> **Activity**
An exact reproduction is required of the lines from the beginning of the entries through the line with "doc.units = ezdxf.units.CM", pictures excluded and nothing added.
Dataset excerpts START
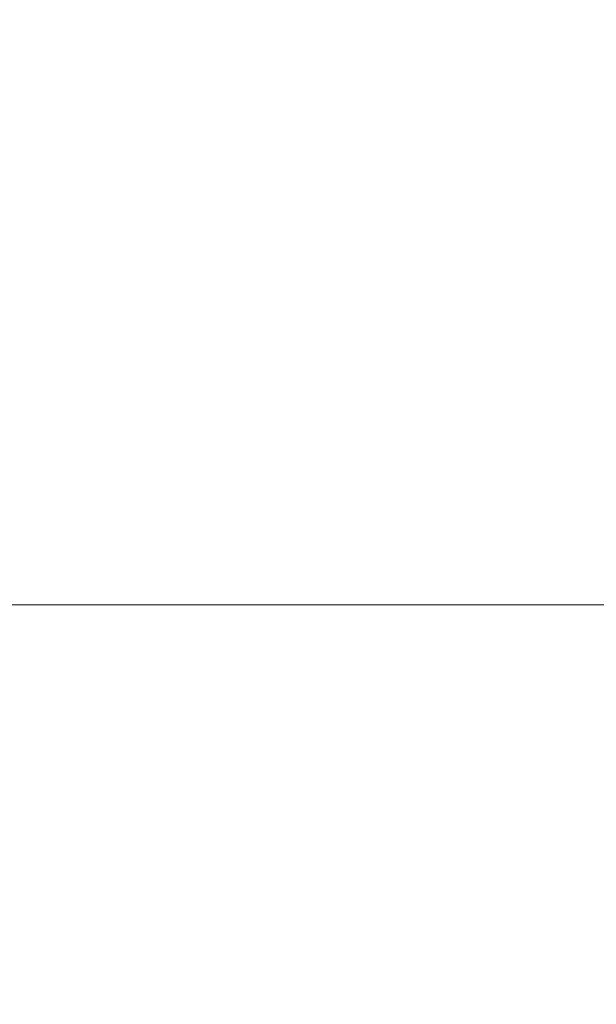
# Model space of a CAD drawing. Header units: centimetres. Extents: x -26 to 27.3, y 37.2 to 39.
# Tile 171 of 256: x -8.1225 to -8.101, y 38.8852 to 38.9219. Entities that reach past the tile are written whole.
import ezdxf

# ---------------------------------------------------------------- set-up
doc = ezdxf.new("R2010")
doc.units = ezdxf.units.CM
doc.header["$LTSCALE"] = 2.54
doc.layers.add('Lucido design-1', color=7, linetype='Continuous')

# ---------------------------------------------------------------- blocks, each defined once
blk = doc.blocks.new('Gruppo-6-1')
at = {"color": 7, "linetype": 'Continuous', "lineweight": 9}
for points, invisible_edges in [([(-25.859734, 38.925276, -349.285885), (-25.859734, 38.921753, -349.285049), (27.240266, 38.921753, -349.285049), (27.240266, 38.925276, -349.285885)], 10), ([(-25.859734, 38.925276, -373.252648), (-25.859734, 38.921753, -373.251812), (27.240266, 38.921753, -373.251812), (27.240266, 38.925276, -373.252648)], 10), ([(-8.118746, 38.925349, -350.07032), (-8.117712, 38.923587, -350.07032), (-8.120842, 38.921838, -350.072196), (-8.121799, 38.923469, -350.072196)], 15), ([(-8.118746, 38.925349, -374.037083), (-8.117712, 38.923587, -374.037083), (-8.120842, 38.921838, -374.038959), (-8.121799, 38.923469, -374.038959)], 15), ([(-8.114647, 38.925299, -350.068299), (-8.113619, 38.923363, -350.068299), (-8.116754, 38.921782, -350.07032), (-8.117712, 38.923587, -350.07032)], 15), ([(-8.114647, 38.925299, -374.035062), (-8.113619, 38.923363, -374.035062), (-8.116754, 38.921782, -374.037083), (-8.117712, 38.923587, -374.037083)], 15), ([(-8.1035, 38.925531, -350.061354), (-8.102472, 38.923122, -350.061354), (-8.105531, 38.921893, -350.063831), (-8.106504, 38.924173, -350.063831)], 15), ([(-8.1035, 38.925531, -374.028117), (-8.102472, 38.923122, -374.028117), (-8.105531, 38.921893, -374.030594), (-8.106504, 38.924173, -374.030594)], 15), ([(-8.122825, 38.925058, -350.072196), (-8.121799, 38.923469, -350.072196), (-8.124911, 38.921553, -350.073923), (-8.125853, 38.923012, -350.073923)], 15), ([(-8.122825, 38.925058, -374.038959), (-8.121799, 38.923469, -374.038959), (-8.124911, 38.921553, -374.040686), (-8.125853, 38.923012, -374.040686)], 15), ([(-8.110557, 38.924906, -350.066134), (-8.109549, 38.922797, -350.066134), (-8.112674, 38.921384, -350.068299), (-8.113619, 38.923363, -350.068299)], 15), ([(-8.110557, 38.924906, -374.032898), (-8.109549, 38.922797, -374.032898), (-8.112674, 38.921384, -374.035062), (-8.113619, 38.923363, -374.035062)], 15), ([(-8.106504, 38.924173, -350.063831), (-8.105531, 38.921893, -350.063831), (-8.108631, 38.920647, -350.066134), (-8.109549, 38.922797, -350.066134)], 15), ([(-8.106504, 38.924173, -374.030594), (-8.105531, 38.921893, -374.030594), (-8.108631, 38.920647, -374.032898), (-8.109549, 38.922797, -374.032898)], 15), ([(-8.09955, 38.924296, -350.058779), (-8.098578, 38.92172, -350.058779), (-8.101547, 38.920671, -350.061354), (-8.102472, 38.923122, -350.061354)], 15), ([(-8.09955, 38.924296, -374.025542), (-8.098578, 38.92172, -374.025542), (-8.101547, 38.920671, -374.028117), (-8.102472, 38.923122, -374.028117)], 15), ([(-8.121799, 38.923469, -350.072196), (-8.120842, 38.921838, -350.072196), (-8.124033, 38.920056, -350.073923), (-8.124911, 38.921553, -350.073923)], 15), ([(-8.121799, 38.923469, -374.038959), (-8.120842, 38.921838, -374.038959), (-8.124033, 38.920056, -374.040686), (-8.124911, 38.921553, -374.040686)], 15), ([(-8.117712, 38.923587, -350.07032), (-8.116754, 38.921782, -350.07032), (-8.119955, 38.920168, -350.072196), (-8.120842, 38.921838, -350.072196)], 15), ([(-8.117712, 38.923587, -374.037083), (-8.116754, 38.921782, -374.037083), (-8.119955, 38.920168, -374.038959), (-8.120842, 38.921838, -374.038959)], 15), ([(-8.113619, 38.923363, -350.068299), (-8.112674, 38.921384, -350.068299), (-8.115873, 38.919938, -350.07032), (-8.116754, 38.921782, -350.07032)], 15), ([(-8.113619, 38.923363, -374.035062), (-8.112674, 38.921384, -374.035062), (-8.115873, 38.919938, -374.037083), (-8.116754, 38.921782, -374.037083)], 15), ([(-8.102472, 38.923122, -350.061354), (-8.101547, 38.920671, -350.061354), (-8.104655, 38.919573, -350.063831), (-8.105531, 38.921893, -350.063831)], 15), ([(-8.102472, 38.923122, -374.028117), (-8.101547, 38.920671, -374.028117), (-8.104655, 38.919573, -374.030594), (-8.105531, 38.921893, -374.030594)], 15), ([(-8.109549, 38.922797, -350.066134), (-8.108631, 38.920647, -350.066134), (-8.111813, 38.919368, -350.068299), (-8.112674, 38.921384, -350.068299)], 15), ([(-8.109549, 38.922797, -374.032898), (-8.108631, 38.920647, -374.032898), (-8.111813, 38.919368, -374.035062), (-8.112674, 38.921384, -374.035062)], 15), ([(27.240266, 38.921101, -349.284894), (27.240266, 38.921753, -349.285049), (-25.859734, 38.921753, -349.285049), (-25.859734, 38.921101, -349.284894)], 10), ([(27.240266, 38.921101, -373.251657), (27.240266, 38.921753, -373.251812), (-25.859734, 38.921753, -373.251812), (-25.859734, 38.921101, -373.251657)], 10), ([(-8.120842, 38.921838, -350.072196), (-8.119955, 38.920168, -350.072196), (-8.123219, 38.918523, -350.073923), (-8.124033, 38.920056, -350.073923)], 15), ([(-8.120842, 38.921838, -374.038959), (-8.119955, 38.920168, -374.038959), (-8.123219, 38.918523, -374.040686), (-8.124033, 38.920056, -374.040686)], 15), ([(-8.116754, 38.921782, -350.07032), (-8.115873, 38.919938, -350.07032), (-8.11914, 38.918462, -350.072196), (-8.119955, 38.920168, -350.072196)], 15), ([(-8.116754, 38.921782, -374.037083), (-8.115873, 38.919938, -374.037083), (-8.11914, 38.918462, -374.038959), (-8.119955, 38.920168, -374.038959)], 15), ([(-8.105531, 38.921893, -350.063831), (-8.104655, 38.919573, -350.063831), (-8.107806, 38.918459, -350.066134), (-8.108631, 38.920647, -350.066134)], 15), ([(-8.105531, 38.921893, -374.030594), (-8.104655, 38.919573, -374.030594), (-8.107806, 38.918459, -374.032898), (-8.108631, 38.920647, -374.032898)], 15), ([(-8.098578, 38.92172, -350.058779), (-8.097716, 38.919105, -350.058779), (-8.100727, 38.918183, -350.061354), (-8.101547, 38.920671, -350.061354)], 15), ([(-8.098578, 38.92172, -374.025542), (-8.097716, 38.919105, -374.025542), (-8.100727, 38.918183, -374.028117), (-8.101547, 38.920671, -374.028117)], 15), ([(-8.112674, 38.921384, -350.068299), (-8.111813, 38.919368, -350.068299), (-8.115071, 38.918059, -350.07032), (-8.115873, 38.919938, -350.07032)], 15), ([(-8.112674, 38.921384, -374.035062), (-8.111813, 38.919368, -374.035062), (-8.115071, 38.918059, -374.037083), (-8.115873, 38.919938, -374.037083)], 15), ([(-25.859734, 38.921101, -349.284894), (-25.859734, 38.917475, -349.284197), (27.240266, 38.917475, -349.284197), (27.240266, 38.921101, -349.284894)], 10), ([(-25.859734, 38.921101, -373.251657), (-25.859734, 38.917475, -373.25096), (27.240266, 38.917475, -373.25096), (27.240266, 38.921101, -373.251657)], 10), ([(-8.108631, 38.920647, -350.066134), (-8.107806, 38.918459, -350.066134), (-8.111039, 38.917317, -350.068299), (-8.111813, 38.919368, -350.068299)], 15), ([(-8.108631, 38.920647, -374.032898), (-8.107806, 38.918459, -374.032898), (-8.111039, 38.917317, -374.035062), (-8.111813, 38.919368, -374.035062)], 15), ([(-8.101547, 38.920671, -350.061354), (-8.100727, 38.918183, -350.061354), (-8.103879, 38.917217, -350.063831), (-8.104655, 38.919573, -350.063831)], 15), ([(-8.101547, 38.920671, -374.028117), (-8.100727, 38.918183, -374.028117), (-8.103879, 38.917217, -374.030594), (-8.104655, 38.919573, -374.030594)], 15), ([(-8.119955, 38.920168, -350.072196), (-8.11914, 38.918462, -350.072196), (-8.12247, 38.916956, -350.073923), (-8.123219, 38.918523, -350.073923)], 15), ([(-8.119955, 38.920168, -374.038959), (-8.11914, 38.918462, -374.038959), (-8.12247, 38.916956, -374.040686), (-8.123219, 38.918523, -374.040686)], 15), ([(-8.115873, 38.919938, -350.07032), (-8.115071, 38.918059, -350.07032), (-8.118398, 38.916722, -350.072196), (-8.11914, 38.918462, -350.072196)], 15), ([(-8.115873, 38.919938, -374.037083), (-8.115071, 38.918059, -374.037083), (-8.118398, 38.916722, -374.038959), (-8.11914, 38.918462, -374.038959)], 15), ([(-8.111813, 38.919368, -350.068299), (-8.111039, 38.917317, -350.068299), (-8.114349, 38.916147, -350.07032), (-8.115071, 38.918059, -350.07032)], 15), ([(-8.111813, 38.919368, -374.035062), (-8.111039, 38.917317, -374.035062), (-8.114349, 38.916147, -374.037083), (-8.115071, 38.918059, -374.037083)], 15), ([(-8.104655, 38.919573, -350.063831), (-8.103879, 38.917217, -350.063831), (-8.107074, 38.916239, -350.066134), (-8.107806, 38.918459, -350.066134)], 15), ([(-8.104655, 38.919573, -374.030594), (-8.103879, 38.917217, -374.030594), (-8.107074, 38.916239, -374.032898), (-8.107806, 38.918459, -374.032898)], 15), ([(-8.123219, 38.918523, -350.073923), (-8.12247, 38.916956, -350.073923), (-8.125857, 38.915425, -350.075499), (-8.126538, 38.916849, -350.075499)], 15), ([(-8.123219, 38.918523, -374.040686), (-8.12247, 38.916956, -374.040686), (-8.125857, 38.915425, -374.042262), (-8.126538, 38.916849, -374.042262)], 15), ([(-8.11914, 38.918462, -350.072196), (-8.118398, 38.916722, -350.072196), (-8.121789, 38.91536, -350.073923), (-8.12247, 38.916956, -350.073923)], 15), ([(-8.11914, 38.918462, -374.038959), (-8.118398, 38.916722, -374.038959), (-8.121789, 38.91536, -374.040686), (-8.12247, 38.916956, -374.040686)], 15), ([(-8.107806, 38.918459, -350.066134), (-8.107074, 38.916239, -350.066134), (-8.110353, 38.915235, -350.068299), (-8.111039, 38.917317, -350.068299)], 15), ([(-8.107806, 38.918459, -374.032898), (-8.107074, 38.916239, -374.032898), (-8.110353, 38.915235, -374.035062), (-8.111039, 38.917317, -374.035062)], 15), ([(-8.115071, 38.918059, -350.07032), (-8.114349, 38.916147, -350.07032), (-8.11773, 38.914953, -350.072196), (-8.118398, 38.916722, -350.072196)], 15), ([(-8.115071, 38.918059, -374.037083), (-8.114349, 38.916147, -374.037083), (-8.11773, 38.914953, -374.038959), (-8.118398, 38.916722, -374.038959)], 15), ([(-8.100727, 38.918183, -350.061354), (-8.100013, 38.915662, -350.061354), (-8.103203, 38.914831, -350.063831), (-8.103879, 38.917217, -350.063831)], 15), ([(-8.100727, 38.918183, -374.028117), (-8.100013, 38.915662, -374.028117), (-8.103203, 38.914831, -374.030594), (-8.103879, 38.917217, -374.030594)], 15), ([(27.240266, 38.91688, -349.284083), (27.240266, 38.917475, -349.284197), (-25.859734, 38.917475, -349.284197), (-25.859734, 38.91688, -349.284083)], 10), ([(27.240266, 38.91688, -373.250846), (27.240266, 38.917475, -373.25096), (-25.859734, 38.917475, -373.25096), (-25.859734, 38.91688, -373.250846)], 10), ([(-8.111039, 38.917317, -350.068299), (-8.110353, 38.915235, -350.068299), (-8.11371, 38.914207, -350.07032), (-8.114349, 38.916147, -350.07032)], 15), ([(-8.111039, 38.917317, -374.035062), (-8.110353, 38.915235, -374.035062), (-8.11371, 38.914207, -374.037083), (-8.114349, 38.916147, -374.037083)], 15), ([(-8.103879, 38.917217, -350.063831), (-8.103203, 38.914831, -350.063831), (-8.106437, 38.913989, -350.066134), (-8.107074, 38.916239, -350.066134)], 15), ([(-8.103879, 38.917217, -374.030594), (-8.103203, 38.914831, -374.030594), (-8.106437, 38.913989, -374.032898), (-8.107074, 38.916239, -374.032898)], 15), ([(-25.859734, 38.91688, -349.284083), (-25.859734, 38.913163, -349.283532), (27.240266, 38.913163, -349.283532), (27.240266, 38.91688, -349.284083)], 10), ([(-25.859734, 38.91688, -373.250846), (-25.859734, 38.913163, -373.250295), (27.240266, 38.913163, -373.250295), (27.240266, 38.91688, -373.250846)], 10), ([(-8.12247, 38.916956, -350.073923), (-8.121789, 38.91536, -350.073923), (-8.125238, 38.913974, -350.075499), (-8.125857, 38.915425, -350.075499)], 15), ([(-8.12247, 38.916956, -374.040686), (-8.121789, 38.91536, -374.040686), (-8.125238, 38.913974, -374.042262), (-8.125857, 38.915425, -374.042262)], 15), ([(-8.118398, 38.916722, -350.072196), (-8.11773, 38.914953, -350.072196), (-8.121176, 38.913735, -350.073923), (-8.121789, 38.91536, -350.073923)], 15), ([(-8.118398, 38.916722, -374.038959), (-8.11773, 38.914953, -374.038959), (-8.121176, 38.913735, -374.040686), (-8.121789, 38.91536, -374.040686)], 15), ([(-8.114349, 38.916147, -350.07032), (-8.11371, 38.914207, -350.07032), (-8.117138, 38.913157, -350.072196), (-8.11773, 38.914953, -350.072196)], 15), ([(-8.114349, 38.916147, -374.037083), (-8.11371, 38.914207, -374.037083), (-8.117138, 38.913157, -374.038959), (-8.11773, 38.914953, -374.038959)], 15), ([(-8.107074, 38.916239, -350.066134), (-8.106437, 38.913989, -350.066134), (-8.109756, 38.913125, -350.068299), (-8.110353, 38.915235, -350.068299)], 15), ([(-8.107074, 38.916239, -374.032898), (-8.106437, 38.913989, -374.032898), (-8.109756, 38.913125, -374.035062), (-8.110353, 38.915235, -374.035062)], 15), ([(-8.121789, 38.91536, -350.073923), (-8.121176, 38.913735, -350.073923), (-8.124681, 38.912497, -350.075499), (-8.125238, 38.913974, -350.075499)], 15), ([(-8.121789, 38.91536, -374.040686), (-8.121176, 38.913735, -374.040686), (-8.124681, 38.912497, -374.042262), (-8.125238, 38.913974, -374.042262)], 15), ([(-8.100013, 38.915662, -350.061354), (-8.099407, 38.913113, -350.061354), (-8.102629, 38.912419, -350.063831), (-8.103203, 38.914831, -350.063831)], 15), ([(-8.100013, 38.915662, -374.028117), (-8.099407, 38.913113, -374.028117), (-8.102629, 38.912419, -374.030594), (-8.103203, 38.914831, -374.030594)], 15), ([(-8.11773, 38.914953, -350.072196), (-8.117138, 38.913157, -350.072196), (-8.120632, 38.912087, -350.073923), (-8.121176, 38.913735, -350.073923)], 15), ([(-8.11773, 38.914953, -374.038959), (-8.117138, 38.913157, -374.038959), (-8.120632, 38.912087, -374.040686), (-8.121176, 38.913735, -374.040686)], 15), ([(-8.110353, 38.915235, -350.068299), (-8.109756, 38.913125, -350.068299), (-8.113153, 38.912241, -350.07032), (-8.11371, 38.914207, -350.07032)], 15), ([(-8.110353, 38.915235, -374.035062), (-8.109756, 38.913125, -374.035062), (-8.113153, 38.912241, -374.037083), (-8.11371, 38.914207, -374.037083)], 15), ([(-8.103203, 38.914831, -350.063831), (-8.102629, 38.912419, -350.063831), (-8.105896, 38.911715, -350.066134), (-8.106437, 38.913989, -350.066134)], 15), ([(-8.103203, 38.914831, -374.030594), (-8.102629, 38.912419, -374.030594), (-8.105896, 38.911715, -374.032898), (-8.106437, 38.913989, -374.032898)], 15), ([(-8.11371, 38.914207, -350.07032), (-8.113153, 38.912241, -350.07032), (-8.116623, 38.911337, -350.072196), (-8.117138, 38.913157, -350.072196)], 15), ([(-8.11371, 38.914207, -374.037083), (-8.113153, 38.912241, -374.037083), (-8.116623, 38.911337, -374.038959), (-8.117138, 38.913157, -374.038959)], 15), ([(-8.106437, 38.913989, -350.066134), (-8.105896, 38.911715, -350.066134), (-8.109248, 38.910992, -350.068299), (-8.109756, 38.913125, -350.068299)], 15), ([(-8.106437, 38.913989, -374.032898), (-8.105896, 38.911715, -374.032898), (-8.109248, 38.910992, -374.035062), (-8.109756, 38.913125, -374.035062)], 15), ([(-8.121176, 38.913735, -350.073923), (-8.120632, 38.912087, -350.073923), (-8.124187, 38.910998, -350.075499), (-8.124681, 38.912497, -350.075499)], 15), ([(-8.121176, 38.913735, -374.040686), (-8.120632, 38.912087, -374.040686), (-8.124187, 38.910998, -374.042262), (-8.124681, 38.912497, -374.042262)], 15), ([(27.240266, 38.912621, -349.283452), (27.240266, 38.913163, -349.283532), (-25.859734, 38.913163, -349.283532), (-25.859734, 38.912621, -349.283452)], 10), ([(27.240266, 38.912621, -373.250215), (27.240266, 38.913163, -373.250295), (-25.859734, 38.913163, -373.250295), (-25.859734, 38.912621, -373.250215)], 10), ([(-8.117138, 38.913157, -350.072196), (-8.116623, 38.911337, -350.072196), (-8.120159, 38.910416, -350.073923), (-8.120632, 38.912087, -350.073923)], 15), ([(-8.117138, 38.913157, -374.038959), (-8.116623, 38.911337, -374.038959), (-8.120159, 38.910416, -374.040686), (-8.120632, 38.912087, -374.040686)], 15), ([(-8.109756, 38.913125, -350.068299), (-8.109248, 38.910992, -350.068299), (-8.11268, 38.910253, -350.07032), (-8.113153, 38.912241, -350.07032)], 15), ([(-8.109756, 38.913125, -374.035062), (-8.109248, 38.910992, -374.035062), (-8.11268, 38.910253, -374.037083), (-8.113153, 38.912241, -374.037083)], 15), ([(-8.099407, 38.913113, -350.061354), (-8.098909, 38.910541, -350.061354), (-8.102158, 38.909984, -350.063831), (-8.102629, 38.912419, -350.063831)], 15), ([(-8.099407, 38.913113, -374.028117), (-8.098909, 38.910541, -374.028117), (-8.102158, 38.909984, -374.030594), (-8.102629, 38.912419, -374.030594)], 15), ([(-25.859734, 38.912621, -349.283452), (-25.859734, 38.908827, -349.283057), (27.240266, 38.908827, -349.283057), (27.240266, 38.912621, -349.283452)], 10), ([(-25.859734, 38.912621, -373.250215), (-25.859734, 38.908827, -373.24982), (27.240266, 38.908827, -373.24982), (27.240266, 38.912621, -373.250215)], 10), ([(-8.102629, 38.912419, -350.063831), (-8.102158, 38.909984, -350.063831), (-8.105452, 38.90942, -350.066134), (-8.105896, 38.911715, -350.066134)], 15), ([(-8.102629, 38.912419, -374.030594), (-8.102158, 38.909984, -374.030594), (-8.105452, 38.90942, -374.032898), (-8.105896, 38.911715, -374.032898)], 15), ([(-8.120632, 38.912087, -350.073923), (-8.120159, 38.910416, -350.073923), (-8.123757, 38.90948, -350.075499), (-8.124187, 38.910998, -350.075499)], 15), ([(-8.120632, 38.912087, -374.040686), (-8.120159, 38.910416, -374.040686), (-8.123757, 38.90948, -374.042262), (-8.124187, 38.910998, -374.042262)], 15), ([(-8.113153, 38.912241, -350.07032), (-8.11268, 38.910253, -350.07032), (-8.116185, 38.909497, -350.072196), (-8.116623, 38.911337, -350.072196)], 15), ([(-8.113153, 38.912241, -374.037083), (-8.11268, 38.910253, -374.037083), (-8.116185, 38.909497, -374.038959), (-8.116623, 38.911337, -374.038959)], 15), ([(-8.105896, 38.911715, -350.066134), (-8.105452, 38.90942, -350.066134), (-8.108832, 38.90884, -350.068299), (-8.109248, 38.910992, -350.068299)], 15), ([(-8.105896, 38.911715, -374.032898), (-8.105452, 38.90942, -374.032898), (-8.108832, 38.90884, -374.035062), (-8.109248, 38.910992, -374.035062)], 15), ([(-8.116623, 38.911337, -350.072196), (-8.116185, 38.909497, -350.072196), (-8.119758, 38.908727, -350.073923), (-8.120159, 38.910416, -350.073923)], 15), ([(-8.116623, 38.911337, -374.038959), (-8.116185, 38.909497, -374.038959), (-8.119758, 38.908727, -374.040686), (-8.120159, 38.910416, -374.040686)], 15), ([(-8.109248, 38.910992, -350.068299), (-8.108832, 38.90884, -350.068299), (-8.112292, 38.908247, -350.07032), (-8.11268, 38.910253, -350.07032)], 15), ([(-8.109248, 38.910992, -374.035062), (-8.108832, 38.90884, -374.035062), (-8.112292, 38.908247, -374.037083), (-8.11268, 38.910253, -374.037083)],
Dataset excerpts END
> **Exercise answer**
# Model space of a CAD drawing. Header units: centimetres. Extents: x -26 to 27.3, y 37.2 to 39.
# Tile 171 of 256: x -8.1225 to -8.101, y 38.8852 to 38.9219. Entities that reach past the tile are written whole.
import ezdxf

# ---------------------------------------------------------------- set-up
doc = ezdxf.new("R2010")
doc.units = ezdxf.units.CM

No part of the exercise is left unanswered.